Of the block polymer finally obtained, the molar ratio occupied by the first monomer segment used in Step 1 is preferably 0.5 mol% or more from the viewpoint of improving the adsorptivity of the block polymer to the solid surface, 1 mol% or more is more preferable, 2 mol% or more is further preferable, 3 mol% or more is more preferable, 5 mol% or more is further more preferable, and 95 mol% from the viewpoint of solubility when a block polymer is used as a surface treatment agent. The following is preferable, 80 mol% or less is more preferable, 50 mol% or less is further preferable, 30 mol% or less is further preferable, and 20 mol% or less is still more preferable.
In addition, in the finally obtained block polymer, the molar ratio of the first monomer segment used in step 1 and the second monomer segment used in step 4 is preferably 50 mol% or more, and more than 70 mol%. Is more preferable, 80 mol% or more is more preferable, 100 mol% or less is preferable, and 100 mol% may be sufficient.
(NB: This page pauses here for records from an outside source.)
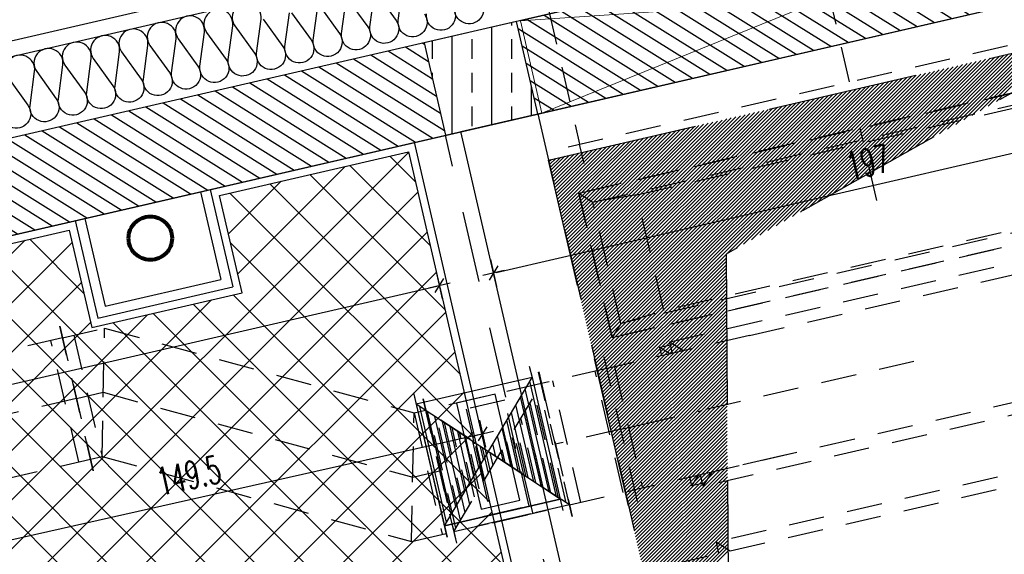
# Model space of a CAD drawing. Header units: centimetres. Extents: x -15121 to 17422, y -60492 to 0.
# Tile 183 of 256: x 1519 to 1768, y -29524 to -29389. Entities that reach past the tile are written whole.
import ezdxf

# ---------------------------------------------------------------- set-up
doc = ezdxf.new("R2010")
doc.units = ezdxf.units.CM
doc.header["$LTSCALE"] = 60
for name, pattern in [('DASHED', [19.05, 12.7, -6.35]), ('DP', [0.5, 0.3, -0.2]), ('MP', [0.25, 0.15, -0.1])]:
    doc.linetypes.add(name, pattern=pattern)
for name, color, linetype in [('A-----SZ', 8, 'Continuous'), ('A-BUD-MA-MATERIALY', 8, 'Continuous'), ('A-SCI', 7, 'Continuous'), ('A_GSA_GK', 2, 'Continuous'), ('AIKA KLIMATYZACJA2', 5, 'Continuous'), ('AIKA lampy restauracja wymiarowanie', 7, 'Continuous'), ('AIKA powierzchnie2', 2, 'Continuous'), ('AIKA ppoż restauracja', 7, 'Continuous'), ('AIKA sufity podwieszane', 8, 'Continuous'), ('AIKA TYNK2', 5, 'Continuous'), ('AIKA wymiarowanie ogólne rzut2', 7, 'Continuous'), ('AIKA ŚCIANA2', 8, 'Continuous'), ('B-widok-przerywana', 8, 'DASHED'), ('BI_szr', 8, 'Continuous'), ('podciagi i nadproza', 7, 'DP'), ('S_INSTALACJE SANITARNE', 7, 'Continuous'), ('słupy', 1, 'Continuous')]:
    doc.layers.add(name, color=color, linetype=linetype)
doc.layers.add('IS-kan san pod stropem', color=30, linetype='DASHED', lineweight=80)
doc.layers.add('SB_PRZEJSCIA', color=3, linetype='Continuous', lineweight=9)
doc.styles.add('wymiar', font='txt.shx', dxfattribs={"width": 0.6})
doc.dimstyles.new('Dwudziestka', dxfattribs={"dimtxt": 7, "dimasz": 0.7, "dimexe": 5, "dimexo": 0, "dimgap": 2.5, "dimtad": 1, "dimtoh": 1, "dimdec": 3, "dimrnd": 0.5, "dimdsep": 46, "dimtxsty": 'wymiar', "dimblk": 'znacznik', "dimcen": 0, "dimdle": 5, "dimse1": 1, "dimse2": 1, "dimclrd": 256, "dimclre": 256, "dimclrt": 256, "dimadec": 0, "dimazin": 0, "dimtfac": 0.4, "dimtdec": 3, "dimtix": 1, "dimtofl": 0, "dimtmove": 2, "dimatfit": 3, "dimldrblk": 'znacznik', "dimfxl": 1, "dimtolj": 1, "dimarcsym": 0})

# ---------------------------------------------------------------- blocks, each defined once
blk = doc.blocks.new('SL podciągi restauracja')
at = {"layer": 'BI_szr'}
h = blk.add_hatch(dxfattribs=at)
h.set_pattern_fill('BIK_ZELBET', color=256, scale=5, angle=45, style=0)
h.set_pattern_definition([(90, (1048.378, -26845.373), (-10, 2e-15), []), (90, (1053.378, -26840.373), (-10, 2e-15), [5, -3.5])])
h.paths.add_polyline_path([(1034.55, -26867.75), (1057.93, -26862.35), (1052.53, -26838.97), (1029.15, -26844.36)])
at = {"layer": 'podciagi i nadproza'}
blk.add_lwpolyline([(1034.55, -26867.75), (1057.93, -26862.35), (1106.97, -27074.76), (1083.59, -27080.16), (1034.55, -26867.75)], dxfattribs=at)
at = {"layer": 'słupy', "color": 4}
blk.add_lwpolyline([(1034.55, -26867.75), (1057.93, -26862.35), (1052.53, -26838.97), (1029.15, -26844.36)], close=True, dxfattribs=at)
blk = doc.blocks.new('SL klima')
at = {"layer": 'AIKA KLIMATYZACJA2', "color": 140, "linetype": 'MP', "lineweight": -2}
for p, q in [((5914.77, -25536.71, 335.4), (5903.53, -25488, 335.4)), ((5835.32, -25503.74, 335.4), (5846.57, -25552.46, 335.4)), ((5843.65, -25553.14, 335.4), (5985.9, -25520.29, 335.4)), ((5723.65, -25635.03, 335.4), (5715.22, -25598.49, 335.4)), ((5715.89, -25601.41, 335.4), (5664.44, -25613.29, 335.4)), ((5720.05, -25632.78, 335.4), (5712.97, -25602.09, 335.4)), ((5861.22, -25642.78, 335.4), (5852.79, -25606.24, 335.4)), ((5853.46, -25609.16, 335.4), (5836.9, -25612.99, 335.4)), ((5844.66, -25646.6, 335.4), (5836.22, -25610.06, 335.4)), ((5836.27, -25610.05, 335.4), (5836.94, -25612.98, 335.4)), ((5857.62, -25640.53, 335.4), (5850.54, -25609.84, 335.4)), ((5836.94, -25612.98, 335.4), (5807.71, -25619.72, 335.4)), ((5814.8, -25650.42, 335.4), (5836.94, -25612.98, 335.4)), ((5843.17, -25643.1, 335.4), (5836.42, -25613.87, 335.4)), ((5836.94, -25612.98, 335.4), (5844.03, -25643.67, 335.4)), ((5846.91, -25643.01, 335.4), (5839.82, -25612.31, 335.4)), ((5719.43, -25616.76, 335.4), (5667.99, -25628.63, 335.4)), ((5807.04, -25616.8, 335.4), (5807.71, -25619.72, 335.4)), ((5841.25, -25641.83, 335.4), (5835.25, -25615.85, 335.4)), ((5827.65, -25617.17, 335.4), (5817.91, -25619.42, 335.4)), ((5833.84, -25643.97, 335.4), (5827.65, -25617.17, 335.4)), ((5839.32, -25640.57, 335.4), (5834.07, -25617.83, 335.4)), ((5807.71, -25619.72, 335.4), (5814.8, -25650.42, 335.4)), ((5844.03, -25643.67, 335.4), (5807.71, -25619.72, 335.4)), ((5815.33, -25649.53, 335.4), (5808.58, -25620.29, 335.4)), ((5816.5, -25647.55, 335.4), (5810.5, -25621.56, 335.4)), ((5817.91, -25619.42, 335.4), (5824.09, -25646.22, 335.4)), ((5835.48, -25638.03, 335.4), (5831.73, -25621.79, 335.4)), ((5837.4, -25639.3, 335.4), (5832.9, -25619.81, 335.4)), ((5817.67, -25645.57, 335.4), (5812.42, -25622.83, 335.4)), ((5818.84, -25643.58, 335.4), (5814.34, -25624.09, 335.4)), ((5833.56, -25636.77, 335.4), (5830.56, -25623.77, 335.4)), ((5820.01, -25641.6, 335.4), (5816.26, -25625.36, 335.4)), ((5821.18, -25639.62, 335.4), (5818.18, -25626.63, 335.4)), ((5831.64, -25635.5, 335.4), (5829.39, -25625.75, 335.4)), ((5857, -25624.51, 335.4), (5840.44, -25628.33, 335.4)), ((5822.36, -25637.64, 335.4), (5820.11, -25627.9, 335.4)), ((5823.53, -25635.66, 335.4), (5822.03, -25629.16, 335.4)), ((5829.72, -25634.23, 335.4), (5828.22, -25627.73, 335.4)), ((5840.49, -25628.32, 335.4), (5840.44, -25628.33, 335.4)), ((5824.7, -25633.68, 335.4), (5823.95, -25630.43, 335.4)), ((5827.79, -25632.96, 335.4), (5827.04, -25629.72, 335.4)), ((5671.53, -25643.98, 335.4), (5722.98, -25632.1, 335.4)), ((5843.98, -25643.68, 335.4), (5860.55, -25639.86, 335.4)), ((5844.03, -25643.67, 335.4), (5814.8, -25650.42, 335.4)), ((5814.8, -25650.42, 335.4), (5844.03, -25643.67, 335.4)), ((5844.03, -25643.67, 335.4), (5814.8, -25650.42, 335.4)), ((5824.09, -25646.22, 335.4), (5833.84, -25643.97, 335.4)), ((5844.03, -25643.67, 335.4), (5844.71, -25646.59, 335.4)), ((5824.54, -25648.17, 335.4), (5834.29, -25645.92, 335.4)), ((5834.29, -25645.92, 335.4), (5824.54, -25648.17, 335.4)), ((5814.8, -25650.42, 335.4), (5815.47, -25653.34, 335.4))]:
    blk.add_line(p, q, dxfattribs=at)
at = {"layer": 'AIKA KLIMATYZACJA2', "color": 140, "linetype": 'MP', "lineweight": -2, "extrusion": (-0.97437, -0.224951, 5.55112e-17)}
for p, q in [((5843.65, -25553.14, 330.4), (5985.9, -25520.29, 330.4)), ((5846.34, -25564.83, 330.4), (5988.6, -25531.98, 330.4)), ((5849.94, -25567.08, 330.4), (5986.35, -25535.58, 330.4)), ((5921.69, -25566.68, 330.4), (5917.47, -25548.41, 330.4)), ((5847.69, -25557.33, 330.4), (5846.57, -25552.46, 330.4)), ((5846.34, -25564.83, 330.4), (5849.94, -25567.08, 330.4)), ((5854.78, -25601.37, 330.4), (5846.34, -25564.83, 330.4)), ((5993.44, -25566.28, 330.4), (5857.03, -25597.77, 330.4)), ((5997.04, -25568.52, 330.4), (5854.78, -25601.37, 330.4)), ((5857.03, -25597.77, 330.4), (5854.78, -25601.37, 330.4))]:
    blk.add_line(p, q, dxfattribs=at)
at = {"layer": 'AIKA KLIMATYZACJA2', "color": 140, "linetype": 'MP', "lineweight": -2, "extrusion": (0.224951, -0.97437, -3.05311e-16)}
for p, q in [((5988.6, -25531.98, 245.4), (5846.34, -25564.83, 245.4)), ((5849.94, -25567.08, 245.4), (5986.35, -25535.58, 245.4)), ((5861.07, -25565.28, 245.4), (5975.56, -25538.84, 245.4)), ((5846.34, -25564.83, 245.4), (5849.94, -25567.08, 245.4)), ((5846.34, -25564.83, 245.4), (5854.78, -25601.37, 245.4)), ((5861.07, -25565.28, 245.4), (5849.94, -25567.08, 245.4)), ((5857.03, -25597.77, 245.4), (5849.94, -25567.08, 245.4)), ((5993.44, -25566.28, 245.4), (5857.03, -25597.77, 245.4)), ((5867.82, -25594.51, 245.4), (5861.07, -25565.28, 245.4)), ((5854.78, -25601.37, 245.4), (5997.04, -25568.52, 245.4)), ((5982.31, -25568.08, 245.4), (5867.82, -25594.51, 245.4)), ((5857.03, -25597.77, 245.4), (5867.82, -25594.51, 245.4)), ((5857.03, -25597.77, 245.4), (5854.78, -25601.37, 245.4))]:
    blk.add_line(p, q, dxfattribs=at)
at = {"layer": 'AIKA KLIMATYZACJA2', "color": 140, "linetype": 'MP', "lineweight": -2, "extrusion": (0.224951, -0.97437, -4.996e-16)}
for p, q in [((5869.35, -25602.42, 327.9), (5984.33, -25575.87, 327.9)), ((5889.51, -25600.84, 327.9), (5982.08, -25579.47, 327.9)), ((5889.51, -25600.84, 327.9), (5858.33, -25608.04, 327.9)), ((5869.35, -25602.42, 327.9), (5872.95, -25604.66, 327.9)), ((5870.03, -25605.34, 327.9), (5869.35, -25602.42, 327.9)), ((5861.22, -25642.78, 327.9), (5852.79, -25606.24, 327.9)), ((5858.33, -25608.04, 327.9), (5853.46, -25609.16, 327.9)), ((5855.41, -25608.71, 327.9), (5862.5, -25639.41, 327.9)), ((5931.06, -25607.41, 327.9), (5877.47, -25619.79, 327.9)), ((5989.16, -25610.16, 327.9), (5880.03, -25635.36, 327.9)), ((5989.16, -25610.16, 327.9), (5896.6, -25631.53, 327.9)), ((5992.76, -25612.41, 327.9), (5877.79, -25638.95, 327.9)), ((5861.88, -25623.38, 327.9), (5877.47, -25619.79, 327.9)), ((5857, -25624.51, 327.9), (5861.88, -25623.38, 327.9)), ((5896.6, -25631.53, 327.9), (5880.03, -25635.36, 327.9)), ((5880.03, -25635.36, 327.9), (5865.42, -25638.73, 327.9)), ((5877.79, -25638.95, 327.9), (5877.11, -25636.03, 327.9)), ((5877.79, -25638.95, 327.9), (5880.03, -25635.36, 327.9)), ((5865.42, -25638.73, 327.9), (5860.55, -25639.86, 327.9))]:
    blk.add_line(p, q, dxfattribs=at)
at = {"layer": 'AIKA KLIMATYZACJA2', "color": 140, "linetype": 'MP', "lineweight": -2, "extrusion": (0.224951, -0.97437, -3.88578e-16)}
for p, q in [((5869.35, -25602.42, 242.9), (5984.33, -25575.87, 242.9)), ((5866.84, -25603.77, 242.9), (5869.52, -25603.15, 242.9)), ((5866.84, -25603.77, 242.9), (5869.54, -25605.45, 242.9)), ((5867.35, -25605.96, 242.9), (5866.84, -25603.77, 242.9)), ((5869.35, -25602.42, 242.9), (5872.95, -25604.66, 242.9)), ((5870.03, -25605.34, 242.9), (5869.35, -25602.42, 242.9)), ((5992.76, -25612.41, 242.9), (5877.79, -25638.95, 242.9)), ((5874.94, -25638.84, 242.9), (5874.43, -25636.65, 242.9)), ((5874.94, -25638.84, 242.9), (5876.62, -25636.14, 242.9)), ((5877.79, -25638.95, 242.9), (5877.11, -25636.03, 242.9)), ((5877.79, -25638.95, 242.9), (5880.03, -25635.36, 242.9)), ((5877.62, -25638.22, 242.9), (5874.94, -25638.84, 242.9))]:
    blk.add_line(p, q, dxfattribs=at)
at = {"layer": 'AIKA KLIMATYZACJA2', "color": 140, "linetype": 'MP', "lineweight": -2, "extrusion": (4.5679e-15, -1.33391e-14, -1)}
for p, q in [((5715.22, -25598.49, 335.4), (5723.65, -25635.03, 335.4)), ((5715.89, -25601.41, 335.4), (5726.57, -25598.95, 335.4)), ((5725.9, -25631.43, 335.4), (5726.57, -25598.95, 335.4)), ((5726.57, -25598.95, 335.4), (5804.74, -25620.41, 335.4)), ((5718.81, -25600.74, 335.4), (5725.9, -25631.43, 335.4)), ((5719.43, -25616.76, 335.4), (5726.23, -25615.19, 335.4)), ((5726.23, -25615.19, 335.4), (5804.41, -25636.65, 335.4)), ((5806.99, -25616.81, 335.4), (5815.43, -25653.35, 335.4)), ((5804.08, -25652.89, 335.4), (5804.74, -25620.41, 335.4)), ((5804.74, -25620.41, 335.4), (5807.67, -25619.74, 335.4)), ((5804.74, -25620.41, 335.4), (5811.83, -25651.1, 335.4)), ((5722.98, -25632.1, 335.4), (5725.9, -25631.43, 335.4)), ((5725.9, -25631.43, 335.4), (5804.08, -25652.89, 335.4)), ((5804.41, -25636.65, 335.4), (5811.21, -25635.08, 335.4)), ((5804.08, -25652.89, 335.4), (5814.75, -25650.43, 335.4))]:
    blk.add_line(p, q, dxfattribs=at)
at = {"layer": 'AIKA KLIMATYZACJA2', "color": 140, "linetype": 'MP', "lineweight": -2, "extrusion": (-0.224951, 0.97437, -4.16334e-15)}
for p, q in [((5870.02, -25658.65, 327.65), (6008.38, -25626.71, 327.65)), ((5996.01, -25626.49, 327.65), (5881.04, -25653.03, 327.65)), ((5881.04, -25653.03, 327.65), (5884.63, -25655.28, 327.65)), ((5881.04, -25653.03, 327.65), (5881.71, -25655.95, 327.65))]:
    blk.add_line(p, q, dxfattribs=at)
blk = doc.blocks.new('znacznik')
at = {"color": 0}
for points in [[(0, -5), (0, 5)], [(-4, 0), (4, 0)]]:
    blk.add_lwpolyline(points, dxfattribs=at)
at = {"color": 1}
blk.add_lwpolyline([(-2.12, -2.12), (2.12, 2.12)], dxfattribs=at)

  In addition, the block polymer finally obtained includes the first monomer segment used in step 1 and the second monomer segment used in step 4 to the extent that the effect of the block polymer of the present invention is not hindered. A third monomer can be included. Examples of the third monomer include monomers that can be polymerized with the first monomer and / or the second monomer by a method other than radical polymerization. The third monomer may be the same monomer or a combination of two or more different monomers. The molar ratio of the third monomer contained in the finally obtained block polymer is preferably 50 mol% or less, more preferably 30 mol%, further preferably 20 mol%, and still more preferably 0 mol%.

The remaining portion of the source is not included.